Пациент Календарев всех с праздниками поздравляет. У него каждый день повод выпить. Нынче намечает справлять «День избавления Державы Российской от нашествия галлов и с ними двунадесяти языков», это он про наполеоновское войско. Вот теперь, утверждает, последний мирный год настает – 1913-й; надо отметить. Да кто же пьянице поверит? Откуда войны ждать? Россия на таких крепких рельсах стоит: корабли со стапелей спускает, загоняет в небо аэропланы, дирижабли и стратостаты, строит проекты по прокладке подземных скоростных дорог. Ничто не указывает на близкий крах. Или хочется так думать, что не указывает. Сплетни о царе с царицей и правящей семье из газет и даже от того же Тюри навязчиво настигают повсюду. «Все врут. Все на фу-фу», как говорит Тюри. А сам ту грязную «стряпню» тащит в дом и вечерами в столовой пропагандирует, собирая возле себя неизменный кружок слушателей: коменданта, кастеляншу, старшую медсестру, санитарок, а то и кого-то из пациентов. Послушать «былички» Тюри, так всюду гниль, разврат, амикошонство, растление.
Из историй старшего ординатора выходит, будто всюду в жизни города, на каждой чиновничьей ступеньке, во всяком бюрократическом кабинете с приемной понатыканы мздоимцы и каннибалы, готовые людишек пачками жрать, искусственно сотворяя смуты и войны в одну лишь собственную угоду – торговля оружием, опиумом, медикаментами, военным сукном: незыблемые законы купи-продай. И если на самом деле так, то дядины больные, патологические делирики, по сравнению с «вершителями судеб» есть человечнейше гуманные существа. Они свою жизнь заедают, да родным знатно отравляют существование. А те-то, те… Те поедают по одиночке одного за другим опасных, перешедших им дорогу, те травят скопом «черемуховым газом», те отравляют враньем, душной атмосферой праздных гостиных, где за светским разговором и бокалом коньяку выносят приговоры целым поколениям. Таковы убеждения Тюри. Нельзя поверить. А если пытаться смотреть на мир чистыми глазами, так и мир станет чист.
Дядя после празднования Рождества и Нового года ждет поступления новых больных вдобавок к первым семи. Женечка готовится к рождественскому балу у Телешёвых и вдохновенно шьет модный наряд с «хромающей юбкой». Повсюду с двадцатых чисел декабря начнутся рождественские празднования, вот и Школа десятников распускает учеников на каникулы. Удов, Тулубьев, Петров не разъезжаются, по-прежнему вместе.

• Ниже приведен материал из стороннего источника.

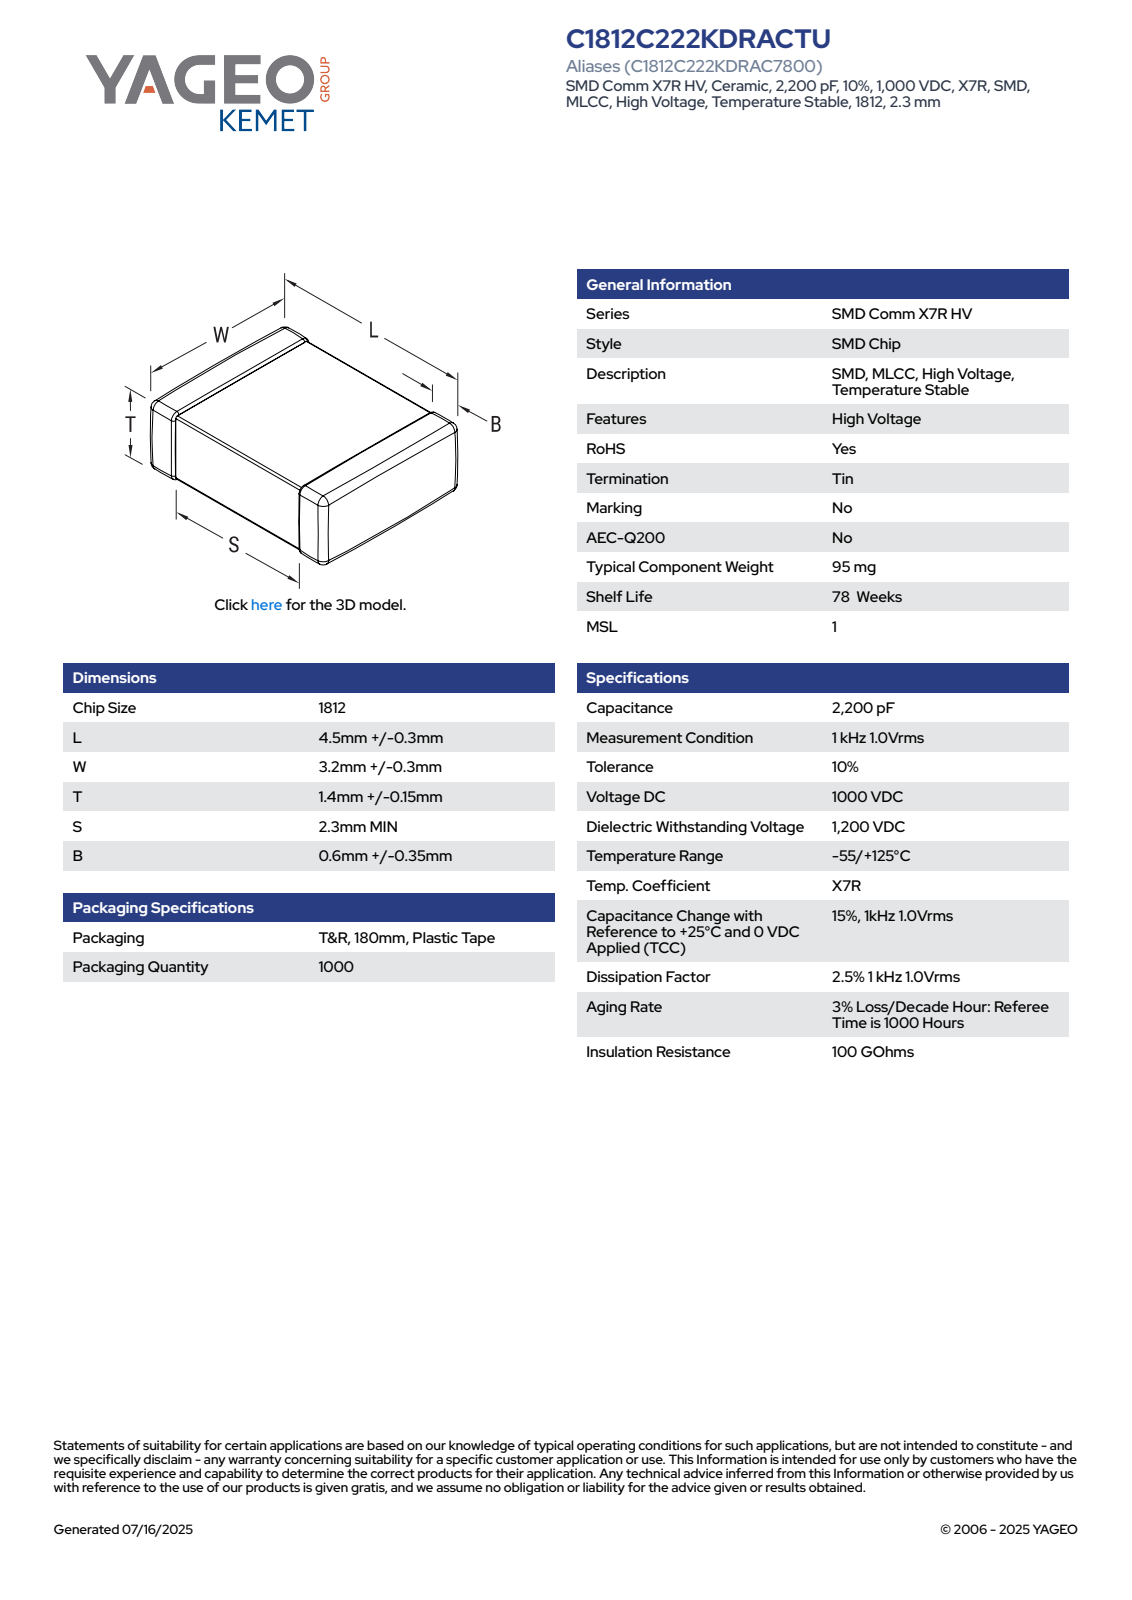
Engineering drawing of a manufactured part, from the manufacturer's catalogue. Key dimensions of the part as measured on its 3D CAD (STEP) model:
Part name (STEP PRODUCT): CCS_CCSTDNOS_1812_L4.8W3.5T1.55B0.95
STEP written by: SolidWorks 2014 (AUTOMOTIVE_DESIGN)
Units: millimetres
Bodies: 4 solids, 125 faces (71 planar, 38 cylindrical, 16 other)
Overall size (bounding box): 4.8 × 3.5 × 1.55
Volume: 24 mm³ · Surface area: 58 mm²
Main face-to-face distances: 1.48, 1.41, 1.55, 4.8, 3.43, 3.36, 3.5, 1.49, 0.34, 1.94

Вале кажется, редко-редко, на раз-два, бывают, такие люди, каким рядом других людей не нужно. Не в смысле обиходном, а в сердечном. Они самодостаточны до одиночества, самоизбыточны до полноты. Вот такой Родион Тулубьев. Человек-одиночка, но не бирюк. Совсем другой Филипп – жаркий, крылатый, не выносивший одиночества. Филиппу всегда требуется отражение, и кто-то должен каждую минуту быть его зеркалом. Два взрослых человека, две души в том возрасте зрелости, когда, кажется, новых верных дружб не заводится. И вот тебе факт – их десятницкая крепкая дружба.
Приближаются праздники. Почему же так тоскливо и подспудно тревожно? Газетной ли требухой вызвана мрачность, зыбкой ли, пограничной атмосферой в больничном доме? И никого из рядом радующихся, предвкушающих празднество, не хочется омрачать призрачными страхами. «Всякого люби и каждого берегись», посмеиваясь, утверждают дядины хитрецы Хлудовы. Так и есть, так и есть. Так было, так есть и так будет. Все внутри человека. Все Царство Божие. Вся преисподняя.
Однако вот и орнамент расцвел в четырех углах. Расписание приведено в долженствующий вид. Остается прикнопить к притолоке в столовой на общее обозрение.
Понедельник – «О пользе трезвости», Тюри
Вторник – «О двенадцати апостолах», Валентин Петров
Среда – «О редких марках и филателической удаче», доктор Арсений Акимович
Четверг – «Архитектура ар-нуво», Тулубьев
Пятница – «О пользе трезвости», Тюри
Суббота – «О русской вышивке набором, списом, стланью», Евгения Арсеньевна
Воскресение – проповедь священника о близком конце света
Вот вам и вся жизнь: конец света и приближение праздника.